The recruitment status of this study is unknown because the information has not been verified recently.
Verified June 2009 by Hadassah Medical Organization.
Recruitment status was  Not yet recruiting
Sponsor:
Information provided by:
Hadassah Medical Organization
ClinicalTrials.gov Identifier:
NCT00917332
First received: June 8, 2009
Last updated: June 9, 2009
Last verified: June 2009
History of Changes
  Purpose

The purpose of this study is to determine whether relaxation and guided imagery techniques are effective in reducing childbirth pain.


Condition Intervention
Pain at Childbirth
 Behavioral: relaxation (breathing and muscles) and guided imagery ("safe place")

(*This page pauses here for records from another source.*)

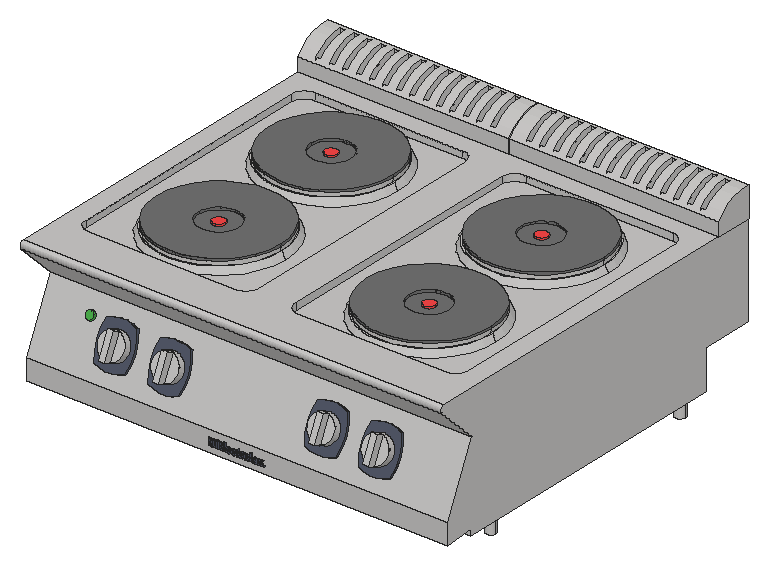
Revit family "QF_ELECTROLUXPROFESSIONAL_371015_E7ECEH4R00", category Specialty Equipment, Revit 2018
Family settings
  Round Connector Dimension = Use Diameter
  Part Type = Normal
  Work Plane-Based = No
  Always vertical = Yes
  Cut with Voids When Loaded = No
  Shared = No
  Room Calculation Point = No
Parameters
  Width = 800.1 mm  # constant formula
  Weight in Pounds = 88  # constant formula
  Watts = 10400 VA  # 10400 W
  Volts = 400 V  # constant formula
  URL Cutsheet = "www.electrolux.com/foodservice"
  URL = "www.electrolux.com/foodservice"
  Type Mark [instance] = ""
  Status [instance] = ""
  Specification by User [instance] = ""
  Specification by Manufacturer = ""
  Show Logo [instance] = yes
  Show Clearance [instance] = yes
  Serial Number = ""
  Seismic Rating = ""
  SMACNA No = ""
  Revision Code [instance] = ""
  Phase = 3  # constant formula
  Omniclass Number and Title = ""
  Number of Poles [instance] = 1
  NAFEM Spec ID Number = ""
  Model = "371015"
  Min Ckt Ampacity = 0 A
  Max Overcurrent Protection = 0 A
  Masterspec = ""
  Manufacturer = "ELECTROLUX"
  Item Number [instance] = ""
  Installed By [instance] = ""
  Identify Quantity as Lot [instance] = yes
  Height = 331.8 mm  # constant formula
  HP = "13.9 HP"
  Furnished By [instance] = ""
  Foodservice Equipment Identifier [instance] = yes
  FL Amps = if(Phase = 3, Watts / (Volts * 1.73), Watts / Volts)  # 15.0289 A
  Electrical Remarks [instance] = "400 V/3N ph/50/60 Hz"  # constant formula
  Electric Connection Type [instance] = ""
  Elec Conn RI Height [instance] = 0 mm
  Elec Conn Connection Height [instance] = 0 mm
  Direct Waste Size = 0"
  Description = "700XP 4 Hot Plate Electric Boiling Top 2.6KW - 400V"
  Depth = 730.25 mm  # constant formula
  Cycle [instance] = if([60 Hertz Option], 60 Hz, 50 Hz)  # 60 Hz
  Conn Plug = ""
  Conn Conduit = yes
  CSI MasterFormat = ""
  CSI Master Format = ""
  Base Height [instance] = 23.813 mm  # constant formula
  Assembly Code = ""
  Apparent Power = if(Phase = 3, Volts * FL Amps * 1.73, Volts * FL Amps)  # 10400 VA
  60 Hertz Option [instance] = not([50 Hertz Option])  # yes
  50 Hertz Option [instance] = no
Reference planes
  plane 1 "BACK": y = 0
  plane 2: z = 0
  plane 3 "LEFT": x = 0
  plane 4 "RIGHT": x = 800.1
  plane 5 "FRONT": y = -730.25
  plane 6 "TOP": z = 288.925
  plane 7 "Center Y": x = 400.05
  plane 8 "Center X": y = -365.125
  plane 9 "BASE": z = 23.813
  plane 10 "TOP A": z = 274.638
  plane 11: y = -597.884
  plane 12: y = -147.637
  plane 13: z = 331.8
Forms (mm)
  Extrusion 1, solid, material "QF_Finishes_Stainless Steel"
    sketch origin (0, 0, 0) x (0, 1, 0) y (0, 0, 1)
      loop
        line (0, 274.638) -> (-722.844, 274.638)
        arc (-722.844, 274.638) -> (-729.641, 270.096) -> (-728.047, 262.077) r 7.358
        line (-728.047, 262.077) -> (-657.416, 191.447) -> (-713.772, 69.003) -> (-713.772, 30.903) -> (-660.4, 36.513) -> (-660.4, 23.812) -> (-101.6, 23.812) -> (-101.6, 98.425) -> (0, 98.425) -> (0, 274.638)
    from 0 to 800.1
  Extrusion 2, solid, material "QF_Finishes_Stainless Steel"
    sketch origin (0, 0, 0) x (1, 0, 0) y (0, 1, 0)
      loop
        circle (11.112, -147.638) r 9.525
      loop
        circle (11.112, -597.884) r 9.525
      loop
        circle (788.987, -147.638) r 9.525
      loop
        circle (788.987, -597.884) r 9.525
    from 0 to 23.813
  Extrusion 3, solid, material "QF_Finishes_Stainless Steel"
    sketch origin (0, -101.6, 101.6) x (0, 0, -1) y (-1, 0, 0)
      loop
        circle (41.275, -747.712) r 12.7
    from 0 to 3.175
  Extrusion 4, solid, material "QF_Finishes_Clearance", visible <- "Show Clearance", detail levels coarse
    sketch origin (0, 0, 0) x (1, 0, 0) y (0, 1, 0)
      loop
        line (0, -730.25) -> (0, 0) -> (800.1, 0) -> (800.1, -730.25) -> (950.119, -730.25) -> (950.119, 150.019) -> (-150.019, 150.019) -> (-150.019, -730.25) -> (0, -730.25)
    from 0 to 331.788
  Extrusion 5, solid, material "QF_Finishes_Navy Blue"
    sketch origin (-390.52, -713.772, 69.003) x (0, 0.418102, 0.9084) y (-1, 0, 0)
      loop
        arc (102.623, -510.47) -> (67.041, -502.846) -> (31.333, -509.853) r 90.5
        arc (31.333, -509.853) -> (24.507, -539.04) -> (31.333, -568.228) r 65.817
        arc (31.333, -568.228) -> (67.04, -575.188) -> (102.623, -567.615) r 91.066
        arc (102.623, -567.615) -> (109.179, -539.043) -> (102.623, -510.47) r 65.546
    from 0 to 3.175
  Extrusion 6, solid, material "QF_Finishes_Stainless Steel"
    sketch origin (-11.77, -717.485, 68.529) x (0, 0.418102, 0.9084) y (-1, 0, 0)
      loop
        circle (68.826, -160.963) r 25.4
    from 0 to 12.7
  Extrusion 7, solid, material "QF_Finishes_Stainless Steel"
    sketch origin (-11.77, -729.022, 73.839) x (0, 0.418102, 0.9084) y (-1, 0, 0)
      loop
        arc (93.558, -166.749) -> (94.226, -160.963) -> (93.558, -155.177) r 25.4
        line (93.558, -155.177) -> (44.094, -155.177)
        arc (44.094, -155.177) -> (43.426, -160.963) -> (44.094, -166.749) r 25.4
        line (44.094, -166.749) -> (93.558, -166.749)
    from 0 to 12.7
  Extrusion 8, solid, material "QF_Finishes_Navy Blue", visible <- "Show Logo"
    sketch origin (58.349, -713.772, 35.665) x (0, 0, 1) y (-1, 0, 0)
      loop
        line (20.674, -296.698) -> (8.307, -296.698)
        arc (8.307, -296.698) -> (14.491, -301.27) -> (20.674, -296.698) r 6.467
      loop
        arc (20.674, -296.069) -> (19.505, -290.926) -> (14.849, -288.448) r 6.338
        line (14.849, -288.448) -> (14.849, -290.494)
        arc (14.849, -290.494) -> (16.333, -294.149) -> (19.778, -296.069) r 5.941
        line (19.778, -296.069) -> (20.674, -296.069)
      loop
        arc (9.203, -296.069) -> (12.648, -294.149) -> (14.132, -290.494) r 5.941
        line (14.132, -290.494) -> (14.132, -288.448)
        arc (14.132, -288.448) -> (9.438, -290.922) -> (8.148, -296.069) r 6.504
        line (8.148, -296.069) -> (9.203, -296.069)
      loop
        line (21.349, -287.979) -> (7.604, -287.979) -> (7.604, -301.742) -> (21.349, -301.742) -> (21.349, -287.979)
      loop
        arc (21.432, -304.71) -> (21.085, -304.352) -> (20.718, -304.69) r 0.358
        arc (20.718, -304.69) -> (20.404, -305.44) -> (19.687, -305.825) r 1.216
        line (19.687, -305.825) -> (9.274, -305.825)
        arc (9.274, -305.825) -> (8.614, -305.548) -> (8.218, -304.951) r 1.238
        arc (8.218, -304.951) -> (7.823, -304.7) -> (7.518, -305.054) r 0.358
        line (7.518, -305.054) -> (7.518, -314.933) -> (10.269, -314.933) -> (10.269, -314.036)
        arc (10.269, -314.036) -> (9.36, -313.456) -> (8.904, -312.479) r 1.928
        line (8.904, -312.479) -> (8.904, -309.98)
        arc (8.904, -309.98) -> (9.18, -309.251) -> (9.868, -308.887) r 1.101
        line (9.868, -308.887) -> (13.955, -308.887) -> (13.955, -312.561)
        arc (13.955, -312.561) -> (13.602, -313.058) -> (13.037, -313.286) r 1.083
        arc (13.037, -313.286) -> (12.773, -313.591) -> (13.065, -313.869) r 0.292
        line (13.065, -313.869) -> (16.028, -313.869)
        arc (16.028, -313.869) -> (16.33, -313.596) -> (16.092, -313.266) r 0.305
        arc (16.092, -313.266) -> (15.601, -313.018) -> (15.296, -312.561) r 1.083
        line (15.296, -312.561) -> (15.296, -308.887) -> (19.973, -308.887) -> (19.973, -312.635)
        arc (19.973, -312.635) -> (19.759, -313.39) -> (19.153, -313.888) r 1.314
        arc (19.153, -313.888) -> (18.934, -314.292) -> (19.288, -314.585) r 0.361
        line (19.288, -314.585) -> (21.432, -314.585) -> (21.432, -304.71)
      loop
        arc (20.715, -315.365) -> (20.335, -316.284) -> (19.416, -316.664) r 1.299
        line (19.416, -316.664) -> (9.837, -316.664)
        arc (9.837, -316.664) -> (8.999, -316.286) -> (8.728, -315.408) r 1.118
        line (8.728, -315.408) -> (7.518, -315.408) -> (7.518, -320.758) -> (8.706, -320.758)
        arc (8.706, -320.758) -> (8.978, -319.841) -> (9.848, -319.445) r 1.153
        line (9.848, -319.445) -> (21.92, -319.445) -> (20.715, -315.365)
      loop
        line (12.483, -323.394) -> (12.483, -329.842) -> (13.282, -329.842)
        arc (13.282, -329.842) -> (15.862, -328.857) -> (17.131, -326.404) r 3.874
        line (17.131, -326.404) -> (17.131, -324.643)
        arc (17.131, -324.643) -> (15.944, -321.778) -> (13.08, -320.592) r 4.051
        line (13.08, -320.592) -> (11.072, -320.592)
        arc (11.072, -320.592) -> (8.253, -322.077) -> (7.202, -325.084) r 4.352
        arc (7.202, -325.084) -> (7.566, -327.547) -> (8.943, -329.621) r 5.713
        line (8.943, -329.621) -> (9.892, -329.621)
        arc (9.892, -329.621) -> (9.16, -328.052) -> (8.943, -326.334) r 5.579
        arc (8.943, -326.334) -> (9.737, -324.371) -> (11.616, -323.394) r 3.057
        line (11.616, -323.394) -> (12.483, -323.394)
      loop
        line (13.742, -323.394) -> (13.742, -326.977)
        arc (13.742, -326.977) -> (15.199, -327.024) -> (16.082, -325.864) r 1.59
        line (16.082, -325.864) -> (16.082, -325.034)
        arc (16.082, -325.034) -> (15.217, -323.779) -> (13.742, -323.394) r 2.184
      loop
        arc (16.533, -339.259) -> (17.022, -337.585) -> (17.179, -335.848) r 9.023
        line (17.179, -335.848) -> (17.179, -334.486)
        arc (17.179, -334.486) -> (16.02, -331.686) -> (13.22, -330.527) r 3.959
        line (13.22, -330.527) -> (10.62, -330.527)
        arc (10.62, -330.527) -> (8.338, -331.819) -> (7.221, -334.192) r 4.331
        line (7.221, -334.192) -> (7.221, -336.327)
        arc (7.221, -336.327) -> (7.729, -337.877) -> (8.651, -339.223) r 5.772
        arc (8.651, -339.223) -> (9.412, -339.274) -> (9.499, -338.515) r 0.553
        arc (9.499, -338.515) -> (9.111, -337.781) -> (8.977, -336.962) r 2.573
        line (8.977, -336.962) -> (8.977, -335.447)
        arc (8.977, -335.447) -> (9.983, -333.806) -> (11.798, -333.163) r 2.884
        line (11.798, -333.163) -> (13.077, -333.163)
        arc (13.077, -333.163) -> (14.898, -333.723) -> (15.824, -335.388) r 2.554
        line (15.824, -335.388) -> (15.824, -336.441)
        arc (15.824, -336.441) -> (15.493, -337.369) -> (14.836, -338.104) r 2.564
        arc (14.836, -338.104) -> (14.614, -338.821) -> (15.223, -339.259) r 0.643
        line (15.223, -339.259) -> (16.533, -339.259)
      loop
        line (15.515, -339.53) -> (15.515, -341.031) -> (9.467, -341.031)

Study Type: Interventional
Study Design: Allocation: Randomized
Endpoint Classification: Efficacy Study
Intervention Model: Parallel Assignment
Masking: Open Label
Primary Purpose: Supportive Care
Official Title: Effects of Relaxation and Guided Imagery Training on Rate and Time of Receiving Regional Anesthesia (Epidural), and on the Experience of Childbirth

Further study details as provided by Hadassah Medical Organization:

Primary Outcome Measures:
  • rating of pain experienced during childbirth on pain VAS [ Time Frame: one time - during hospitalization after childbirth ] [ Designated as safety issue: No ]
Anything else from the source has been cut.